*WORK ORDER*.
One range is to be output from the listing below, exactly as written: the line with "#30568=VECTOR('',#111826,7.8);" to the line with "#40113=VERTEX_POINT('',#140796);", both kept.
### INFORMATION SHOWN ###
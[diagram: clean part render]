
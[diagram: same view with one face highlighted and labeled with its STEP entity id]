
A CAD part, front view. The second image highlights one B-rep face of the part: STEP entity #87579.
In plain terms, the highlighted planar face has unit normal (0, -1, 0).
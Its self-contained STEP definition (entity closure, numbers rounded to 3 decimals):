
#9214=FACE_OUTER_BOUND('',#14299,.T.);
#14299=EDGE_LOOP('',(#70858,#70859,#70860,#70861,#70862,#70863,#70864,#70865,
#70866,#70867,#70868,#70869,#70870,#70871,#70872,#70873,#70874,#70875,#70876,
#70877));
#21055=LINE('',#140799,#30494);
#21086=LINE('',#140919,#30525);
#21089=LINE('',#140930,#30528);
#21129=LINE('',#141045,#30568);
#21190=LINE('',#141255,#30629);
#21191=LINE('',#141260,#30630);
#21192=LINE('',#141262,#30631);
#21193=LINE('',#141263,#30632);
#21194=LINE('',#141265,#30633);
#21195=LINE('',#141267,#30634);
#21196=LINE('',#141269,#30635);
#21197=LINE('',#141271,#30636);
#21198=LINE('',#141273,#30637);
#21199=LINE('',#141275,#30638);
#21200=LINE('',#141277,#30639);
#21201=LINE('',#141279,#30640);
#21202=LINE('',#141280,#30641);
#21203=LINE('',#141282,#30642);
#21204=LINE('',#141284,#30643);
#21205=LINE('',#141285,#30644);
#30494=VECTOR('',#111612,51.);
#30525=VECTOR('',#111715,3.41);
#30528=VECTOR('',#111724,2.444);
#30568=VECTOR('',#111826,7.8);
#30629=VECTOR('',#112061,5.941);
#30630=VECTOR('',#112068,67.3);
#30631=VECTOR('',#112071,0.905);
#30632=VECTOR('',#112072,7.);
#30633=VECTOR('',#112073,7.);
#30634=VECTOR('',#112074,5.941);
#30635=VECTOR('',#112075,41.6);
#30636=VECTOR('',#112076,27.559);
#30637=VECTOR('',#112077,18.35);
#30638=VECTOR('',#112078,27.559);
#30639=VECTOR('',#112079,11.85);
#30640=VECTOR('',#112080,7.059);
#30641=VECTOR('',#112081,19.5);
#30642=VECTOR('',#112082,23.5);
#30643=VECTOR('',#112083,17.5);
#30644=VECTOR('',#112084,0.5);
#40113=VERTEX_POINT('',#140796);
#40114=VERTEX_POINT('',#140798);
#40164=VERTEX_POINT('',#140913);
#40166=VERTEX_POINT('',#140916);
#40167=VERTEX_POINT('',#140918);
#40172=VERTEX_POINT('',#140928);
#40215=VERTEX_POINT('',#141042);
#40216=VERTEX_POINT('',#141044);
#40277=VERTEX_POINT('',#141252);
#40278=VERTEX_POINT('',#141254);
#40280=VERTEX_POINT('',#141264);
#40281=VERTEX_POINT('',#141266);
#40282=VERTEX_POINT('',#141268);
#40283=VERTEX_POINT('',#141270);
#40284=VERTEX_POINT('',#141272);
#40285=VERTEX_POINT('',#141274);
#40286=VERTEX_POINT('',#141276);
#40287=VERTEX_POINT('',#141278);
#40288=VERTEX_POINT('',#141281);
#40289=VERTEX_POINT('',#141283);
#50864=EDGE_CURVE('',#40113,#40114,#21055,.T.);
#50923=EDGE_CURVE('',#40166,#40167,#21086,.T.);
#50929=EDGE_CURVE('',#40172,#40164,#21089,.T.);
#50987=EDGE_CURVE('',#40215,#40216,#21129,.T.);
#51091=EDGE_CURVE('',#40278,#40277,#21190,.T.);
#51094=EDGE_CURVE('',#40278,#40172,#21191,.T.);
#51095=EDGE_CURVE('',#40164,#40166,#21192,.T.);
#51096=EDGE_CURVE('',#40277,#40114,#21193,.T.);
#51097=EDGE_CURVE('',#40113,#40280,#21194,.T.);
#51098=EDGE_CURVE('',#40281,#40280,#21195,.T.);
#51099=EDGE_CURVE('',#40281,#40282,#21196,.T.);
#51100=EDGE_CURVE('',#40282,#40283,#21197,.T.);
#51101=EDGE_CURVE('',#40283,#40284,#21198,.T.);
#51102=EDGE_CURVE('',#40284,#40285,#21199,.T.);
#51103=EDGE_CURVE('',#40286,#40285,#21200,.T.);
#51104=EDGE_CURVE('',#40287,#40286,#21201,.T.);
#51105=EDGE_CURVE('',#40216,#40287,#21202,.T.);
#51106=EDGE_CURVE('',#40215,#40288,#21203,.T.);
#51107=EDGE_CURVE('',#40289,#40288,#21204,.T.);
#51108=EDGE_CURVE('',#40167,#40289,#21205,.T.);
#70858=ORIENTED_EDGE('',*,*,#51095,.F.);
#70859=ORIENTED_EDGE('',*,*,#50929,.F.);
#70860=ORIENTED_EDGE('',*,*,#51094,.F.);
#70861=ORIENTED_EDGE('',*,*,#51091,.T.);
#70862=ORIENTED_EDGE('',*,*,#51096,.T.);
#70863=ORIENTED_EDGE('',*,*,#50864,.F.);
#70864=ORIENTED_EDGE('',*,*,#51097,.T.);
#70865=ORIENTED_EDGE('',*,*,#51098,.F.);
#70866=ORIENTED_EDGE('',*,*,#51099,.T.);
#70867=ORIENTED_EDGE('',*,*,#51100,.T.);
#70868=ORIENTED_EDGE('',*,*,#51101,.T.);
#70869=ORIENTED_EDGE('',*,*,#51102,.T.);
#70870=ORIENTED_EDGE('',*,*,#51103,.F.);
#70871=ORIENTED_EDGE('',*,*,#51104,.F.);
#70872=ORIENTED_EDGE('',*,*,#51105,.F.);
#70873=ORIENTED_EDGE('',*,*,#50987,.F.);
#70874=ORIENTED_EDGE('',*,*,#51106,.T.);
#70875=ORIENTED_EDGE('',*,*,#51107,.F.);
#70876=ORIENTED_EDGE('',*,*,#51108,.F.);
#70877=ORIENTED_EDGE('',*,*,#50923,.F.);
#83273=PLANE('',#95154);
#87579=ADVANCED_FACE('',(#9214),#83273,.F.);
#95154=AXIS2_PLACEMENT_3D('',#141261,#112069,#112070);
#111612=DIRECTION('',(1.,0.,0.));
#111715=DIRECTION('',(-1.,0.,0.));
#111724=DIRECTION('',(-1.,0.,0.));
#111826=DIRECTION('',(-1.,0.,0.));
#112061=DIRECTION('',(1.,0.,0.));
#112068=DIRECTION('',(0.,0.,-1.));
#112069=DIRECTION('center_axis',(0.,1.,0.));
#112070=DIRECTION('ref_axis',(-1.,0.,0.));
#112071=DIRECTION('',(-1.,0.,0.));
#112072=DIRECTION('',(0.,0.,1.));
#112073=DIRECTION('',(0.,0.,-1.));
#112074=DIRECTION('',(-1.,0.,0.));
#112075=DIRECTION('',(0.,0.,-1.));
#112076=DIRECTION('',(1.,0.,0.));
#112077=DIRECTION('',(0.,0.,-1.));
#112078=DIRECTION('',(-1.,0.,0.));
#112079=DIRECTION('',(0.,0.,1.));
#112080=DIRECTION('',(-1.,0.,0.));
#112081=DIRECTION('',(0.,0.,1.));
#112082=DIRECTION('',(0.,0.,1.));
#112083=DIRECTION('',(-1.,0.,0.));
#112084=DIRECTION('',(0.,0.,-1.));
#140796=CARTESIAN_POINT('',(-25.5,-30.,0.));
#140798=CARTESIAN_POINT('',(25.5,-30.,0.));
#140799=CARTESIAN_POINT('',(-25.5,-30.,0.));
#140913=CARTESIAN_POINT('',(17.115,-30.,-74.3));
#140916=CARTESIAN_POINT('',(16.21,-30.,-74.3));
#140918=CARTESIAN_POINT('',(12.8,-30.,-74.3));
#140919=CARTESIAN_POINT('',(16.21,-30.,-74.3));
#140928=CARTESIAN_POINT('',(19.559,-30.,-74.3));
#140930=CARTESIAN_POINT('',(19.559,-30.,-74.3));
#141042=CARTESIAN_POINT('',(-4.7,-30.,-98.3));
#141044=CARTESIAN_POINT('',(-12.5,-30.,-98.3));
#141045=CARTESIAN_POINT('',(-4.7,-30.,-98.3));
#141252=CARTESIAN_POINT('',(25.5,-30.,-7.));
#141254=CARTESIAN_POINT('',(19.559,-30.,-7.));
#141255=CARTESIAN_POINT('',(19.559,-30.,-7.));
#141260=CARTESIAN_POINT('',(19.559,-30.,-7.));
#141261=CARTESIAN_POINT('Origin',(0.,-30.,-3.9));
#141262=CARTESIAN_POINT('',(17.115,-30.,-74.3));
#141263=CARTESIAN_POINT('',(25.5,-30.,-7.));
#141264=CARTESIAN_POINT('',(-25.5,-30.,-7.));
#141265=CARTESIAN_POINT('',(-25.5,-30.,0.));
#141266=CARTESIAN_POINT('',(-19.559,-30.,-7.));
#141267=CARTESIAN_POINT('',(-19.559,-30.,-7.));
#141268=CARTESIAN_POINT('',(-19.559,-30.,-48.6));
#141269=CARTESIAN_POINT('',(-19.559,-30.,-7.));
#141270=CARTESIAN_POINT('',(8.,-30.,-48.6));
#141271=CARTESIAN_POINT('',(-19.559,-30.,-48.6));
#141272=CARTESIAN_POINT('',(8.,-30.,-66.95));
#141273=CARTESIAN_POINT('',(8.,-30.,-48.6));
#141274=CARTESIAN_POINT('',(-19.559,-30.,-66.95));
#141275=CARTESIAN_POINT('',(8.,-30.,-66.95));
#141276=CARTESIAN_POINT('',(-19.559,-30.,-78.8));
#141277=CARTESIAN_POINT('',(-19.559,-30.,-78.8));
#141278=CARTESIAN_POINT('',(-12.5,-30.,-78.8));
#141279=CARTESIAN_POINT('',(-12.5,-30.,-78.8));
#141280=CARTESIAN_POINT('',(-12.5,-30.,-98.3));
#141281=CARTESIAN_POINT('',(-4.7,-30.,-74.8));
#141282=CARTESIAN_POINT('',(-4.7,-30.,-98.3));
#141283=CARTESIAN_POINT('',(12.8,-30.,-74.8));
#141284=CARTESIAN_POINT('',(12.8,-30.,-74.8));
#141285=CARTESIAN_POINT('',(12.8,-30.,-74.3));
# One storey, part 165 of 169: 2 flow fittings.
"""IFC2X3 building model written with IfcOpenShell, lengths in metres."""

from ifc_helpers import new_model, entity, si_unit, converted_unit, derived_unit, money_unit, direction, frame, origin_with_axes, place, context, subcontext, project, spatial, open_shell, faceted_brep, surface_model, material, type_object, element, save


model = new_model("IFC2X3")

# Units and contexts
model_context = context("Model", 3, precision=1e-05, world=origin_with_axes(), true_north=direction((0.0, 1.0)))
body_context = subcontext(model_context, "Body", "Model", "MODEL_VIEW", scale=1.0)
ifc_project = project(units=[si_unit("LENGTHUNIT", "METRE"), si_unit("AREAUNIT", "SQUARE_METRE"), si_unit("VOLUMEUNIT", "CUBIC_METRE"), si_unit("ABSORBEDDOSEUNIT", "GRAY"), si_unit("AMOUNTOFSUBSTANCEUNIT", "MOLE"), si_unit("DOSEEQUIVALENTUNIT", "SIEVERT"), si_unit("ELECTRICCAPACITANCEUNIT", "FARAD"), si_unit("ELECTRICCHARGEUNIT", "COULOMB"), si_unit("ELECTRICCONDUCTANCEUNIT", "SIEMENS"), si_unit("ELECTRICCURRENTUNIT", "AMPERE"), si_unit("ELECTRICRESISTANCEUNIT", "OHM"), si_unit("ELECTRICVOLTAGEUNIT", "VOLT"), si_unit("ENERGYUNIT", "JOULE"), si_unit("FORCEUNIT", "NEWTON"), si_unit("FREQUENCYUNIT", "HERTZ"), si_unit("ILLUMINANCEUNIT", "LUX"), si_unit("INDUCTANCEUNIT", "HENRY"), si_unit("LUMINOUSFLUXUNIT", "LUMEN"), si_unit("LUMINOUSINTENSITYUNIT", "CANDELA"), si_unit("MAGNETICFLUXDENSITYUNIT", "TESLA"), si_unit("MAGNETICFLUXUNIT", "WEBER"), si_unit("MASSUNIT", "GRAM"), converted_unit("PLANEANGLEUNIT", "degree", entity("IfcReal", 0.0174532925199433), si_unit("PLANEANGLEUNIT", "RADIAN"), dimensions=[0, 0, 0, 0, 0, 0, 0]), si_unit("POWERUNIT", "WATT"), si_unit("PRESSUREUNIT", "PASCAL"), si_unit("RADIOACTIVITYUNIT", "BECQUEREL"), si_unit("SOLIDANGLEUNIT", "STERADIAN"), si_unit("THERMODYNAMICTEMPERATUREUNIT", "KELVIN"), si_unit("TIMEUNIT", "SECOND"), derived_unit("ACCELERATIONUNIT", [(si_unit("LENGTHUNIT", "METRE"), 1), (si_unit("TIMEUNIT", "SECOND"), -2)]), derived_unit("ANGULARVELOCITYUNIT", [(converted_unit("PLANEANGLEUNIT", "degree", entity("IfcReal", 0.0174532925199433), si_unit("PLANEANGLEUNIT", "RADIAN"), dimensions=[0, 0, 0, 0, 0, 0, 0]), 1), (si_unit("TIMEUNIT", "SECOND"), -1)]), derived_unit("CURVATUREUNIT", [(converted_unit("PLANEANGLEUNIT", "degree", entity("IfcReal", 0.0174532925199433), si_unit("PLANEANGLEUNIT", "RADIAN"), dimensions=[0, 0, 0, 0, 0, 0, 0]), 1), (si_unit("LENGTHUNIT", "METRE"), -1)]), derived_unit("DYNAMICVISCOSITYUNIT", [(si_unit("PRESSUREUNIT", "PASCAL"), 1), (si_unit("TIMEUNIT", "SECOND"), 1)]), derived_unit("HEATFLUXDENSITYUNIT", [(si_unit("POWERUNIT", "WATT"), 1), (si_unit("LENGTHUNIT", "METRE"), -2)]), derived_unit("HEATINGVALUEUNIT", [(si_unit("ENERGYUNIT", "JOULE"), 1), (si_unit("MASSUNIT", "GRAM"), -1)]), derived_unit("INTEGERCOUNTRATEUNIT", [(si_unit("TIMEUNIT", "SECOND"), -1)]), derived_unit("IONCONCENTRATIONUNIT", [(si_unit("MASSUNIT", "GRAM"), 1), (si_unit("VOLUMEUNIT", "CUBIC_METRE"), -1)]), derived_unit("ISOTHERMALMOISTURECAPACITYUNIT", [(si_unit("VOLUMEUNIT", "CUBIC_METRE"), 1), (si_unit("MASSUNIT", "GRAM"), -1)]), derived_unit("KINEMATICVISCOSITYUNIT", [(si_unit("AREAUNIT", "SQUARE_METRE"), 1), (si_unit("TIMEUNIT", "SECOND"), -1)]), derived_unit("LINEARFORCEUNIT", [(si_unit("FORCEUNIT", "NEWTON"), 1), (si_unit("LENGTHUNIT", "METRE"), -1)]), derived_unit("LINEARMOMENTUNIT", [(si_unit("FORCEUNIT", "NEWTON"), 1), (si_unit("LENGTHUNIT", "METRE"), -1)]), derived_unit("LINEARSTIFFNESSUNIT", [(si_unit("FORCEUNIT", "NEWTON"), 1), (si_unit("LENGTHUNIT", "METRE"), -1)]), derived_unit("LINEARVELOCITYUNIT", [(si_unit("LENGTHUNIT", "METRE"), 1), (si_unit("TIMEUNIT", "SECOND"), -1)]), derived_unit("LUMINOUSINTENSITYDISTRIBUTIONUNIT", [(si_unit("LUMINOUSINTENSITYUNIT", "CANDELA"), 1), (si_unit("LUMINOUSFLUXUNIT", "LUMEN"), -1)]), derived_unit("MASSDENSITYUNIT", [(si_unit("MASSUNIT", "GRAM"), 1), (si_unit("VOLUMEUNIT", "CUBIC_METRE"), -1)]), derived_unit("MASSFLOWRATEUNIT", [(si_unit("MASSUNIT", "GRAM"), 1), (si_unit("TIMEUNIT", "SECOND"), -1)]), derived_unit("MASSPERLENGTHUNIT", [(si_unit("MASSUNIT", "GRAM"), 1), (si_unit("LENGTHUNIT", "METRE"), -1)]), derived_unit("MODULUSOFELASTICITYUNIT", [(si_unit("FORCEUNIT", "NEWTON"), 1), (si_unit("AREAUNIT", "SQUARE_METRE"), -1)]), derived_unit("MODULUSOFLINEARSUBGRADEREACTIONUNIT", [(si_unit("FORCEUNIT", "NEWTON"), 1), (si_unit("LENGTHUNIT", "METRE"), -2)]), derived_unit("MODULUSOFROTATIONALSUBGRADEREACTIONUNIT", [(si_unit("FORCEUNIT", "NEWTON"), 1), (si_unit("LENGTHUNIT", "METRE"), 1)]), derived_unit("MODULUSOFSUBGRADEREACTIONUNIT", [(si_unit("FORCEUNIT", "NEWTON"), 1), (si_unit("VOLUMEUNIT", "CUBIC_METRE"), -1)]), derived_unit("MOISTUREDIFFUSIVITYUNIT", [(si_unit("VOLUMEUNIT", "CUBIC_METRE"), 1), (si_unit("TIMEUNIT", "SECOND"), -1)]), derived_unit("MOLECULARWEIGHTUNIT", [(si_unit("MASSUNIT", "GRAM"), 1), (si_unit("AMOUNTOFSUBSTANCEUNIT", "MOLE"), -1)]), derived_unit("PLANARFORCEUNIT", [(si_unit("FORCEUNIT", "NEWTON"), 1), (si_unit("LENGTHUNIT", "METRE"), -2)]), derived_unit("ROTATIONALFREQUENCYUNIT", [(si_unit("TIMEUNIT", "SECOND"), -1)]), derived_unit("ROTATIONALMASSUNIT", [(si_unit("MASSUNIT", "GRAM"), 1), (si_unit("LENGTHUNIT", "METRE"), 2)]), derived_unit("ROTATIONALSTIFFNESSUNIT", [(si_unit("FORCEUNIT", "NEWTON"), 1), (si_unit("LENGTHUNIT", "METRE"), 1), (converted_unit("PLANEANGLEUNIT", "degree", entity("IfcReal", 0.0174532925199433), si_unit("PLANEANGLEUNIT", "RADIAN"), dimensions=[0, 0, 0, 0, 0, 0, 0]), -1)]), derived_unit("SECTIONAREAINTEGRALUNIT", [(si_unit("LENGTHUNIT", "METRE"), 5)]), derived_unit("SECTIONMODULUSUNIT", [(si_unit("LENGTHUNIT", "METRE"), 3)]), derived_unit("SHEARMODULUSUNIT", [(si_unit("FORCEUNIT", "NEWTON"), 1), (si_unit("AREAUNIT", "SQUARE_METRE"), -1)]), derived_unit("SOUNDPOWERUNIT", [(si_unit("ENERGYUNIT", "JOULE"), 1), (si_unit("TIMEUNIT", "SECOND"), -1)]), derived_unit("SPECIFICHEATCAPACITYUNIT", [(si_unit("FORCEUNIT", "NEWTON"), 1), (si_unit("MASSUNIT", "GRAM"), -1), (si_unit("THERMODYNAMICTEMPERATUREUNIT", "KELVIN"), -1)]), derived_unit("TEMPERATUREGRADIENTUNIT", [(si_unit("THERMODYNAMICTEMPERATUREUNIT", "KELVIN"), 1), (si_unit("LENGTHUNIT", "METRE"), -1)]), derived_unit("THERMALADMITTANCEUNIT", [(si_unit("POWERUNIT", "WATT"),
###
*TASK OUTPUT*.
#30568=VECTOR('',#111826,7.8);
#30629=VECTOR('',#112061,5.941);
#30630=VECTOR('',#112068,67.3);
#30631=VECTOR('',#112071,0.905);
#30632=VECTOR('',#112072,7.);
#30633=VECTOR('',#112073,7.);
#30634=VECTOR('',#112074,5.941);
#30635=VECTOR('',#112075,41.6);
#30636=VECTOR('',#112076,27.559);
#30637=VECTOR('',#112077,18.35);
#30638=VECTOR('',#112078,27.559);
#30639=VECTOR('',#112079,11.85);
#30640=VECTOR('',#112080,7.059);
#30641=VECTOR('',#112081,19.5);
#30642=VECTOR('',#112082,23.5);
#30643=VECTOR('',#112083,17.5);
#30644=VECTOR('',#112084,0.5);
#40113=VERTEX_POINT('',#140796);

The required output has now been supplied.